I have watched and supported my loved ones go through their own mental health challenges and along the way struggled myself to see light at the end of the tunnel. This is my story of watching those I love struggle through mental illness.

Mental illness is different for everyone. There are different signs, symptoms and intensity. I’ve seen those around me suffer at the claws of depression, addiction, severe anxiety, periods of psychosis and eating disorders. Some luckily recovering to lead healthy and happy lives managing their illness, while others still struggling.

My first experience started back in high school. Looking back now I didn’t realise at the time how severe my friend’s illness was and how little support there was to her, her family and friends. My friend experienced a loss of a loved one and one way of coping was to take control of what she could in her life, her eating. This developed over time into an eating disorder. At the time we didn’t know how to help or where to get help. What do we say to her? How do we tell her we were worried? At what point do we need to step in and seek professional help? What help is there available? So many questions and little resources available. I wished we had of had more education on mental illness and how to access support when I needed it. As teenagers and young adults mental challenges and ill feelings were starting to become more prominent in our lives.

After that another loved one went through a mental health challenge.

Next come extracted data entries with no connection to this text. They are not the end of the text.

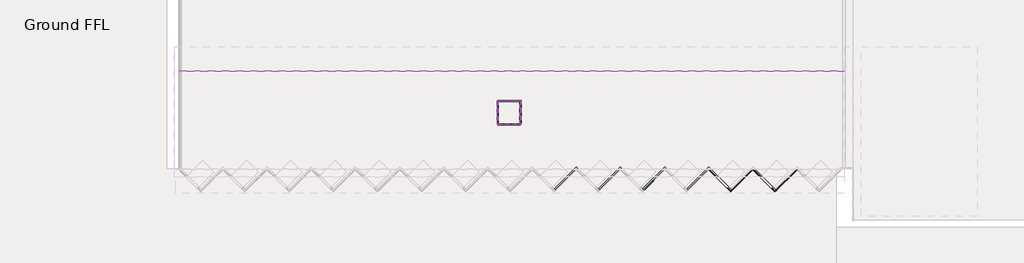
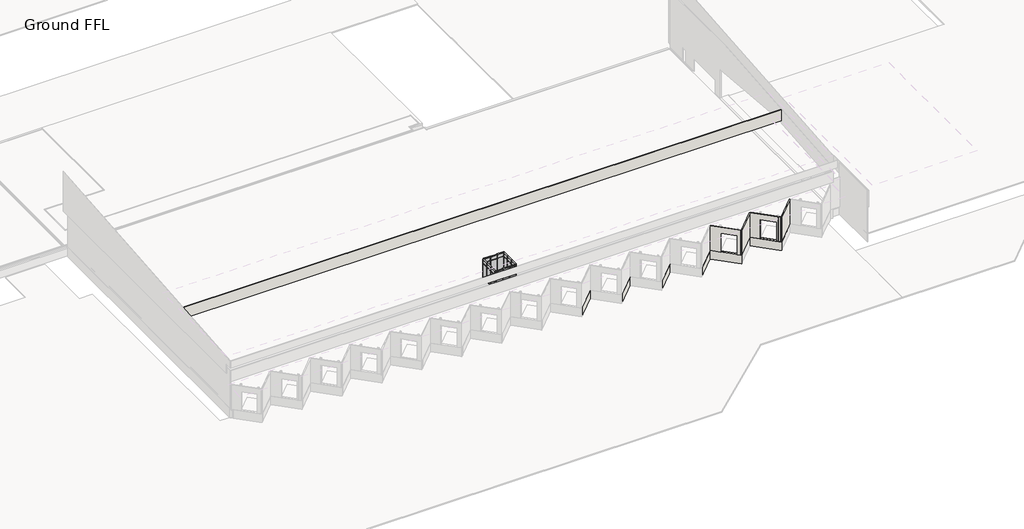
# One storey, part 2 of 7: 66 members, 24 plates, 11 walls.
"""IFC4 building model written with IfcOpenShell, lengths in millimetres."""

from ifc_helpers import new_model, si_unit, frame, origin, place, context, project, spatial, polyline, outline, extrude, faceted_brep, transform, mapped, element, save
from components import rectangular_mullion_50_x_150mm_662c37b1, rectangular_mullion_50_x_150mm_6225e4e3, rectangular_mullion_50_x_150mm_64d38db8, rectangular_mullion_50_x_150mm_68b3818a, rectangular_mullion_50_x_150mm_477ca9b8, rectangular_mullion_50_x_150mm_3d733e68, rectangular_mullion_50_x_150mm_c9412cac, rectangular_mullion_50_x_150mm_e8271e18, rectangular_mullion_50_x_150mm_bb29f1ad, rectangular_mullion_50_x_150mm_795c251c, rectangular_mullion_50_x_150mm_8f327472, rectangular_mullion_50_x_150mm_d24e7f91, rectangular_mullion_50_x_150mm_4b768477, rectangular_mullion_50_x_150mm_636173d5, system_panel_glazed_97791b95, system_panel_glazed_672343e4, system_panel_glazed_aafa14a7, system_panel_glazed_23566d67, system_panel_glazed_bf9b8f05, system_panel_glazed_0784fe47, system_panel_glazed_7d7c0d92, system_panel_glazed_c9ca4ddb, system_panel_glazed_bdccf6d4, system_panel_glazed_414e65e8, system_panel_glazed_72f60e3a, system_panel_glazed_5c63aebc

model = new_model("IFC4")

# Units and contexts
model_context = context("Model", 3, world=origin())
ifc_project = project(units=[si_unit("LENGTHUNIT", "METRE", prefix="MILLI")], contexts=[model_context])

# Site, building, storey
site = spatial("IfcSite", under=ifc_project)
building = spatial("IfcBuilding", under=site)
storey = spatial("IfcBuildingStorey", under=building, Name="Ground FFL", Elevation=44170.0)

# Members
placement = place(None, origin())
rectangular_mullion_50_x_150mm_shape = rectangular_mullion_50_x_150mm_662c37b1(model_context)
element("IfcMember", 1, ObjectType="Rectangular Mullion : 50 x 150mm", at=placement, inside=storey, context=model_context, shape_type="MappedRepresentation", body=[
    mapped(rectangular_mullion_50_x_150mm_shape, transform((-91650.5917799, -21321.740321, 44170.0), x_axis=(-1.0, 0.0, 0.0), y_axis=(0.0, 1.0, 0.0), z_axis=(0.0, 0.0, -1.0))),
])
element("IfcMember", 2, ObjectType="Rectangular Mullion : 50 x 150mm", at=placement, inside=storey, context=model_context, shape_type="MappedRepresentation", body=[
    mapped(rectangular_mullion_50_x_150mm_shape, transform((-91650.5917799, -24521.740321, 44170.0), x_axis=(-1.0, 0.0, 0.0), y_axis=(0.0, 1.0, 0.0), z_axis=(0.0, 0.0, -1.0))),
])
rectangular_mullion_50_x_150mm_2_shape = rectangular_mullion_50_x_150mm_6225e4e3(model_context)
element("IfcMember", 3, ObjectType="Rectangular Mullion : 50 x 150mm", at=placement, inside=storey, context=model_context, shape_type="MappedRepresentation", body=[
    mapped(rectangular_mullion_50_x_150mm_2_shape, transform((-89617.2584467, -24521.740321, 44170.0), x_axis=(-1.0, 0.0, 0.0), y_axis=(0.0, 1.0, 0.0), z_axis=(0.0, 0.0, -1.0))),
])
element("IfcMember", 4, ObjectType="Rectangular Mullion : 50 x 150mm", at=placement, inside=storey, context=model_context, shape_type="MappedRepresentation", body=[
    mapped(rectangular_mullion_50_x_150mm_2_shape, transform((-90633.9251131, -24521.740321, 44170.0), x_axis=(-1.0, 0.0, 0.0), y_axis=(0.0, 1.0, 0.0), z_axis=(0.0, 0.0, -1.0))),
])
element("IfcMember", 5, ObjectType="Rectangular Mullion : 50 x 150mm", at=placement, inside=storey, context=model_context, shape_type="MappedRepresentation", body=[
    mapped(rectangular_mullion_50_x_150mm_2_shape, transform((-89617.2584467, -21321.740321, 44170.0), x_axis=(-1.0, 0.0, 0.0), y_axis=(0.0, 1.0, 0.0), z_axis=(0.0, 0.0, -1.0))),
])
element("IfcMember", 6, ObjectType="Rectangular Mullion : 50 x 150mm", at=placement, inside=storey, context=model_context, shape_type="MappedRepresentation", body=[
    mapped(rectangular_mullion_50_x_150mm_2_shape, transform((-90633.9251131, -21321.740321, 44170.0), x_axis=(-1.0, 0.0, 0.0), y_axis=(0.0, 1.0, 0.0), z_axis=(0.0, 0.0, -1.0))),
])
rectangular_mullion_50_x_150mm_3_shape = rectangular_mullion_50_x_150mm_64d38db8(model_context)
element("IfcMember", 7, ObjectType="Rectangular Mullion : 50 x 150mm", at=placement, inside=storey, context=model_context, shape_type="MappedRepresentation", body=[
    mapped(rectangular_mullion_50_x_150mm_3_shape, transform((-88600.5917799, -24521.740321, 47170.0), x_axis=(1.0, 0.0, 0.0), y_axis=(0.0, 1.0, 0.0), z_axis=(0.0, 0.0, 1.0))),
])
element("IfcMember", 8, ObjectType="Rectangular Mullion : 50 x 150mm", at=placement, inside=storey, context=model_context, shape_type="MappedRepresentation", body=[
    mapped(rectangular_mullion_50_x_150mm_3_shape, transform((-91650.5917799, -24521.740321, 46570.0), x_axis=(-1.0, 0.0, 0.0), y_axis=(0.0, 1.0, 0.0), z_axis=(0.0, 0.0, -1.0))),
])
element("IfcMember", 9, ObjectType="Rectangular Mullion : 50 x 150mm", at=placement, inside=storey, context=model_context, shape_type="MappedRepresentation", body=[
    mapped(rectangular_mullion_50_x_150mm_shape, transform((-88600.5917799, -24521.740321, 46570.0), x_axis=(1.0, 0.0, 0.0), y_axis=(0.0, 1.0, 0.0), z_axis=(0.0, 0.0, 1.0))),
])
element("IfcMember", 10, ObjectType="Rectangular Mullion : 50 x 150mm", at=placement, inside=storey, context=model_context, shape_type="MappedRepresentation", body=[
    mapped(rectangular_mullion_50_x_150mm_shape, transform((-88600.5917799, -21321.740321, 46570.0), x_axis=(1.0, 0.0, 0.0), y_axis=(0.0, 1.0, 0.0), z_axis=(0.0, 0.0, 1.0))),
])
rectangular_mullion_50_x_150mm_4_shape = rectangular_mullion_50_x_150mm_68b3818a(model_context)
element("IfcMember", 11, ObjectType="Rectangular Mullion : 50 x 150mm", at=placement, inside=storey, context=model_context, shape_type="MappedRepresentation", body=[
    mapped(rectangular_mullion_50_x_150mm_4_shape, transform((-89617.2584467, -24521.740321, 46570.0), x_axis=(-1.0, 0.0, 0.0), y_axis=(0.0, 1.0, 0.0), z_axis=(0.0, 0.0, -1.0))),
])
element("IfcMember", 12, ObjectType="Rectangular Mullion : 50 x 150mm", at=placement, inside=storey, context=model_context, shape_type="MappedRepresentation", body=[
    mapped(rectangular_mullion_50_x_150mm_4_shape, transform((-90633.9251131, -24521.740321, 46570.0), x_axis=(-1.0, 0.0, 0.0), y_axis=(0.0, 1.0, 0.0), z_axis=(0.0, 0.0, -1.0))),
])
rectangular_mullion_50_x_150mm_5_shape = rectangular_mullion_50_x_150mm_477ca9b8(model_context)
element("IfcMember", 13, ObjectType="Rectangular Mullion : 50 x 150mm", at=placement, inside=storey, context=model_context, shape_type="MappedRepresentation", body=[
    mapped(rectangular_mullion_50_x_150mm_5_shape, transform((-88600.5917799, -24421.740321, 47170.0), x_axis=(0.0, 0.0, 1.0), y_axis=(-1.0, 0.0, 0.0), z_axis=(0.0, -1.0, 0.0))),
])
element("IfcMember", 14, ObjectType="Rectangular Mullion : 50 x 150mm", at=placement, inside=storey, context=model_context, shape_type="MappedRepresentation", body=[
    mapped(rectangular_mullion_50_x_150mm_5_shape, transform((-91700.5917799, -22363.4069878, 47171.145744), x_axis=(0.0, 0.0, 1.0), y_axis=(-1.0, 0.0, 0.0), z_axis=(0.0, -1.0, 0.0))),
])
element("IfcMember", 15, ObjectType="Rectangular Mullion : 50 x 150mm", at=placement, inside=storey, context=model_context, shape_type="MappedRepresentation", body=[
    mapped(rectangular_mullion_50_x_150mm_5_shape, transform((-88600.5917799, -22313.4069878, 47170.0), x_axis=(0.0, 0.0, 1.0), y_axis=(-1.0, 0.0, 0.0), z_axis=(0.0, -1.0, 0.0))),
])
element("IfcMember", 16, ObjectType="Rectangular Mullion : 50 x 150mm", at=placement, inside=storey, context=model_context, shape_type="MappedRepresentation", body=[
    mapped(rectangular_mullion_50_x_150mm_5_shape, transform((-91700.5917799, -21371.740321, 44170.0), x_axis=(0.0, 0.0, -1.0), y_axis=(-1.0, 0.0, 0.0), z_axis=(0.0, 1.0, 0.0))),
])
element("IfcMember", 17, ObjectType="Rectangular Mullion : 50 x 150mm", at=placement, inside=storey, context=model_context, shape_type="MappedRepresentation", body=[
    mapped(rectangular_mullion_50_x_150mm_5_shape, transform((-88600.5917799, -21321.740321, 44170.0), x_axis=(0.0, 0.0, -1.0), y_axis=(-1.0, 0.0, 0.0), z_axis=(0.0, 1.0, 0.0))),
])
element("IfcMember", 18, ObjectType="Rectangular Mullion : 50 x 150mm", at=placement, inside=storey, context=model_context, shape_type="MappedRepresentation", body=[
    mapped(rectangular_mullion_50_x_150mm_5_shape, transform((-91700.5917799, -23480.0736542, 44170.0), x_axis=(0.0, 0.0, -1.0), y_axis=(-1.0, 0.0, 0.0), z_axis=(0.0, 1.0, 0.0))),
])
element("IfcMember", 19, ObjectType="Rectangular Mullion : 50 x 150mm", at=placement, inside=storey, context=model_context, shape_type="MappedRepresentation", body=[
    mapped(rectangular_mullion_50_x_150mm_5_shape, transform((-88600.5917799, -23430.0736542, 44170.0), x_axis=(0.0, 0.0, -1.0), y_axis=(-1.0, 0.0, 0.0), z_axis=(0.0, 1.0, 0.0))),
])
rectangular_mullion_50_x_150mm_6_shape = rectangular_mullion_50_x_150mm_3d733e68(model_context)
element("IfcMember", 20, ObjectType="Rectangular Mullion : 50 x 150mm", at=placement, inside=storey, context=model_context, shape_type="MappedRepresentation", body=[
    mapped(rectangular_mullion_50_x_150mm_6_shape, transform((-91700.5917799, -23430.0736542, 47171.145744), x_axis=(0.0, 0.0, 1.0), y_axis=(-1.0, 0.0, 0.0), z_axis=(0.0, -1.0, 0.0))),
])
element("IfcMember", 21, ObjectType="Rectangular Mullion : 50 x 150mm", at=placement, inside=storey, context=model_context, shape_type="MappedRepresentation", body=[
    mapped(rectangular_mullion_50_x_150mm_6_shape, transform((-88600.5917799, -23380.0736542, 47170.0), x_axis=(0.0, 0.0, 1.0), y_axis=(-1.0, 0.0, 0.0), z_axis=(0.0, -1.0, 0.0))),
])
element("IfcMember", 22, ObjectType="Rectangular Mullion : 50 x 150mm", at=placement, inside=storey, context=model_context, shape_type="MappedRepresentation", body=[
    mapped(rectangular_mullion_50_x_150mm_6_shape, transform((-91700.5917799, -22413.4069878, 44170.0), x_axis=(0.0, 0.0, -1.0), y_axis=(-1.0, 0.0, 0.0), z_axis=(0.0, 1.0, 0.0))),
])
element("IfcMember", 23, ObjectType="Rectangular Mullion : 50 x 150mm", at=placement, inside=storey, context=model_context, shape_type="MappedRepresentation", body=[
    mapped(rectangular_mullion_50_x_150mm_6_shape, transform((-88600.5917799, -22363.4069878, 44170.0), x_axis=(0.0, 0.0, -1.0), y_axis=(-1.0, 0.0, 0.0), z_axis=(0.0, 1.0, 0.0))),
])
rectangular_mullion_50_x_150mm_7_shape = rectangular_mullion_50_x_150mm_c9412cac(model_context)
element("IfcMember", 24, ObjectType="Rectangular Mullion : 50 x 150mm", at=placement, inside=storey, context=model_context, shape_type="MappedRepresentation", body=[
    mapped(rectangular_mullion_50_x_150mm_7_shape, transform((-91700.5917799, -22363.4069878, 46570.0), x_axis=(0.0, 0.0, 1.0), y_axis=(-1.0, 0.0, 0.0), z_axis=(0.0, -1.0, 0.0))),
])
element("IfcMember", 25, ObjectType="Rectangular Mullion : 50 x 150mm", at=placement, inside=storey, context=model_context, shape_type="MappedRepresentation", body=[
    mapped(rectangular_mullion_50_x_150mm_7_shape, transform((-91700.5917799, -24471.740321, 46570.0), x_axis=(0.0, 0.0, 1.0), y_axis=(-1.0, 0.0, 0.0), z_axis=(0.0, -1.0, 0.0))),
])
element("IfcMember", 26, ObjectType="Rectangular Mullion : 50 x 150mm", at=placement, inside=storey, context=model_context, shape_type="MappedRepresentation", body=[
    mapped(rectangular_mullion_50_x_150mm_7_shape, transform((-88600.5917799, -22313.4069878, 46570.0), x_axis=(0.0, 0.0, 1.0), y_axis=(-1.0, 0.0, 0.0), z_axis=(0.0, -1.0, 0.0))),
])
element("IfcMember", 27, ObjectType="Rectangular Mullion : 50 x 150mm", at=placement, inside=storey, context=model_context, shape_type="MappedRepresentation", body=[
    mapped(rectangular_mullion_50_x_150mm_7_shape, transform((-88600.5917799, -24421.740321, 46570.0), x_axis=(0.0, 0.0, 1.0), y_axis=(-1.0, 0.0, 0.0), z_axis=(0.0, -1.0, 0.0))),
])
rectangular_mullion_50_x_150mm_8_shape = rectangular_mullion_50_x_150mm_e8271e18(model_context)
element("IfcMember", 28, ObjectType="Rectangular Mullion : 50 x 150mm", at=placement, inside=storey, context=model_context, shape_type="MappedRepresentation", body=[
    mapped(rectangular_mullion_50_x_150mm_8_shape, transform((-91700.5917799, -23430.0736542, 46570.0), x_axis=(0.0, 0.0, 1.0), y_axis=(-1.0, 0.0, 0.0), z_axis=(0.0, -1.0, 0.0))),
])
element("IfcMember", 29, ObjectType="Rectangular Mullion : 50 x 150mm", at=placement, inside=storey, context=model_context, shape_type="MappedRepresentation", body=[
    mapped(rectangular_mullion_50_x_150mm_8_shape, transform((-88600.5917799, -23380.0736542, 46570.0), x_axis=(0.0, 0.0, 1.0), y_axis=(-1.0, 0.0, 0.0), z_axis=(0.0, -1.0, 0.0))),
])
element("IfcMember", 30, ObjectType="Rectangular Mullion : 50 x 150mm", at=placement, inside=storey, context=model_context, shape_type="MappedRepresentation", body=[
    mapped(rectangular_mullion_50_x_150mm_2_shape, transform((-91700.5917799, -22388.4069878, 44170.0), x_axis=(0.0, -1.0, 0.0), y_axis=(-1.0, 0.0, 0.0), z_axis=(0.0, 0.0, -1.0))),
])
element("IfcMember", 31, ObjectType="Rectangular Mullion : 50 x 150mm", at=placement, inside=storey, context=model_context, shape_type="MappedRepresentation", body=[
    mapped(rectangular_mullion_50_x_150mm_2_shape, transform((-91700.5917799, -23455.0736542, 44170.0), x_axis=(0.0, -1.0, 0.0), y_axis=(-1.0, 0.0, 0.0), z_axis=(0.0, 0.0, -1.0))),
])
element("IfcMember", 32, ObjectType="Rectangular Mullion : 50 x 150mm", at=placement, inside=storey, context=model_context, shape_type="MappedRepresentation", body=[
    mapped(rectangular_mullion_50_x_150mm_2_shape, transform((-88600.5917799, -22338.4069878, 44170.0), x_axis=(0.0, -1.0, 0.0), y_axis=(-1.0, 0.0, 0.0), z_axis=(0.0, 0.0, -1.0))),
])
element("IfcMember", 33, ObjectType="Rectangular Mullion : 50 x 150mm", at=placement, inside=storey, context=model_context, shape_type="MappedRepresentation", body=[
    mapped(rectangular_mullion_50_x_150mm_2_shape, transform((-88600.5917799, -23405.0736542, 44170.0), x_axis=(0.0, -1.0, 0.0), y_axis=(-1.0, 0.0, 0.0), z_axis=(0.0, 0.0, -1.0))),
])
rectangular_mullion_50_x_150mm_9_shape = rectangular_mullion_50_x_150mm_bb29f1ad(model_context)
element("IfcMember", 34, ObjectType="Rectangular Mullion : 50 x 150mm", at=placement, inside=storey, context=model_context, shape_type="MappedRepresentation", body=[
    mapped(rectangular_mullion_50_x_150mm_9_shape, transform((-91600.5917799, -21321.740321, 47171.145744), x_axis=(0.0, 0.0, 1.0), y_axis=(0.0, 1.0, 0.0), z_axis=(-1.0, 0.0, 0.0))),
])
element("IfcMember", 35, ObjectType="Rectangular Mullion : 50 x 150mm", at=placement, inside=storey, context=model_context, shape_type="MappedRepresentation", body=[
    mapped(rectangular_mullion_50_x_150mm_9_shape, transform((-91600.5917799, -24521.740321, 47170.0), x_axis=(0.0, 0.0, 1.0), y_axis=(0.0, 1.0, 0.0), z_axis=(-1.0, 0.0, 0.0))),
])
element("IfcMember", 36, ObjectType="Rectangular Mullion : 50 x 150mm", at=placement, inside=storey, context=model_context, shape_type="MappedRepresentation", body=[
    mapped(rectangular_mullion_50_x_150mm_9_shape, transform((-89592.2584467, -24521.740321, 47170.0), x_axis=(0.0, 0.0, 1.0), y_axis=(0.0, 1.0, 0.0), z_axis=(-1.0, 0.0, 0.0))),
])
element("IfcMember", 37, ObjectType="Rectangular Mullion : 50 x 150mm", at=placement, inside=storey, context=model_context, shape_type="MappedRepresentation", body=[
    mapped(rectangular_mullion_50_x_150mm_9_shape, transform((-89592.2584467, -21321.740321, 47171.145744), x_axis=(0.0, 0.0, 1.0), y_axis=(0.0, 1.0, 0.0), z_axis=(-1.0, 0.0, 0.0))),
])
element("IfcMember", 38, ObjectType="Rectangular Mullion : 50 x 150mm", at=placement, inside=storey, context=model_context, shape_type="MappedRepresentation", body=[
    mapped(rectangular_mullion_50_x_150mm_9_shape, transform((-88650.5917799, -21321.740321, 44170.0), x_axis=(0.0, 0.0, -1.0), y_axis=(0.0, 1.0, 0.0), z_axis=(1.0, 0.0, 0.0))),
])
element("IfcMember", 39, ObjectType="Rectangular Mullion : 50 x 150mm", at=placement, inside=storey, context=model_context, shape_type="MappedRepresentation", body=[
    mapped(rectangular_mullion_50_x_150mm_9_shape, transform((-88650.5917799, -24521.740321, 44170.0), x_axis=(0.0, 0.0, -1.0), y_axis=(0.0, 1.0, 0.0), z_axis=(1.0, 0.0, 0.0))),
])
element("IfcMember", 40, ObjectType="Rectangular Mullion : 50 x 150mm", at=placement, inside=storey, context=model_context, shape_type="MappedRepresentation", body=[
    mapped(rectangular_mullion_50_x_150mm_9_shape, transform((-90658.9251131, -24521.740321, 44170.0), x_axis=(0.0, 0.0, -1.0), y_axis=(0.0, 1.0, 0.0), z_axis=(1.0, 0.0, 0.0))),
])
element("IfcMember", 41, ObjectType="Rectangular Mullion : 50 x 150mm", at=placement, inside=storey, context=model_context, shape_type="MappedRepresentation", body=[
    mapped(rectangular_mullion_50_x_150mm_9_shape, transform((-90658.9251131, -21321.740321, 44170.0), x_axis=(0.0, 0.0, -1.0), y_axis=(0.0, 1.0, 0.0), z_axis=(1.0, 0.0, 0.0))),
])
rectangular_mullion_50_x_150mm_10_shape = rectangular_mullion_50_x_150mm_795c251c(model_context)
element("IfcMember", 42, ObjectType="Rectangular Mullion : 50 x 150mm", at=placement, inside=storey, context=model_context, shape_type="MappedRepresentation", body=[
    mapped(rectangular_mullion_50_x_150mm_10_shape, transform((-90608.9251131, -24521.740321, 47170.0), x_axis=(0.0, 0.0, 1.0), y_axis=(0.0, 1.0, 0.0), z_axis=(-1.0, 0.0, 0.0))),
])
element("IfcMember", 43, ObjectType="Rectangular Mullion : 50 x 150mm", at=placement, inside=storey, context=model_context, shape_type="MappedRepresentation", body=[
    mapped(rectangular_mullion_50_x_150mm_10_shape, transform((-90608.9251131, -21321.740321, 47171.145744), x_axis=(0.0, 0.0, 1.0), y_axis=(0.0, 1.0, 0.0), z_axis=(-1.0, 0.0, 0.0))),
])
element("IfcMember", 44, ObjectType="Rectangular Mullion : 50 x 150mm", at=placement, inside=storey, context=model_context, shape_type="MappedRepresentation", body=[
    mapped(rectangular_mullion_50_x_150mm_10_shape, transform((-89642.2584467, -24521.740321, 44170.0), x_axis=(0.0, 0.0, -1.0), y_axis=(0.0, 1.0, 0.0), z_axis=(1.0, 0.0, 0.0))),
])
element("IfcMember", 45, ObjectType="Rectangular Mullion : 50 x 150mm", at=placement, inside=storey, context=model_context, shape_type="MappedRepresentation", body=[
    mapped(rectangular_mullion_50_x_150mm_10_shape, transform((-89642.2584467, -21321.740321, 44170.0), x_axis=(0.0, 0.0, -1.0), y_axis=(0.0, 1.0, 0.0), z_axis=(1.0, 0.0, 0.0))),
])
rectangular_mullion_50_x_150mm_11_shape = rectangular_mullion_50_x_150mm_8f327472(model_context)
element("IfcMember", 46, ObjectType="Rectangular Mullion : 50 x 150mm", at=placement, inside=storey, context=model_context, shape_type="MappedRepresentation", body=[
    mapped(rectangular_mullion_50_x_150mm_11_shape, transform((-89592.2584467, -24521.740321, 46570.0), x_axis=(0.0, 0.0, 1.0), y_axis=(0.0, 1.0, 0.0), z_axis=(-1.0, 0.0, 0.0))),
])
element("IfcMember", 47, ObjectType="Rectangular Mullion : 50 x 150mm", at=placement, inside=storey, context=model_context, shape_type="MappedRepresentation", body=[
    mapped(rectangular_mullion_50_x_150mm_11_shape, transform((-91600.5917799, -24521.740321, 46570.0), x_axis=(0.0, 0.0, 1.0), y_axis=(0.0, 1.0, 0.0), z_axis=(-1.0, 0.0, 0.0))),
])
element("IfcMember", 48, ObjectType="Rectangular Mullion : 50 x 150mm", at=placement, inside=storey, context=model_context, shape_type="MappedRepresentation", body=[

Still young at the time and with no understanding of what signs and symptoms to look out for, they began to withdraw. There were certain things we started noticing which were out of character, but thought it was a phase and told ourselves we were ‘growing up’ and ‘changing’. As time went on their mental health became so severe, they were admitted to hospital undergoing critical medical treatment and able to be diagnosed which led to ongoing treatment and management. More questions were raised in our heads and to one another – why didn’t we step in sooner? We should have known something more serious was going on…. But we didn’t, because we were not educated.

As life continued, I have watched many loved ones go through addiction, crippling anxiety and severe depression. As someone from the outside, it can be hard to know what to say, what to do or where to seek help. Now having worked in mental health, I understand that one of the most powerful ways to support someone you love is to continue to check in on them and ask ‘how are you?’ and ask again, ‘no really, how are you?’. Listen to hear and not to respond. Listen without judgement. Listen to them even when you have heard it before.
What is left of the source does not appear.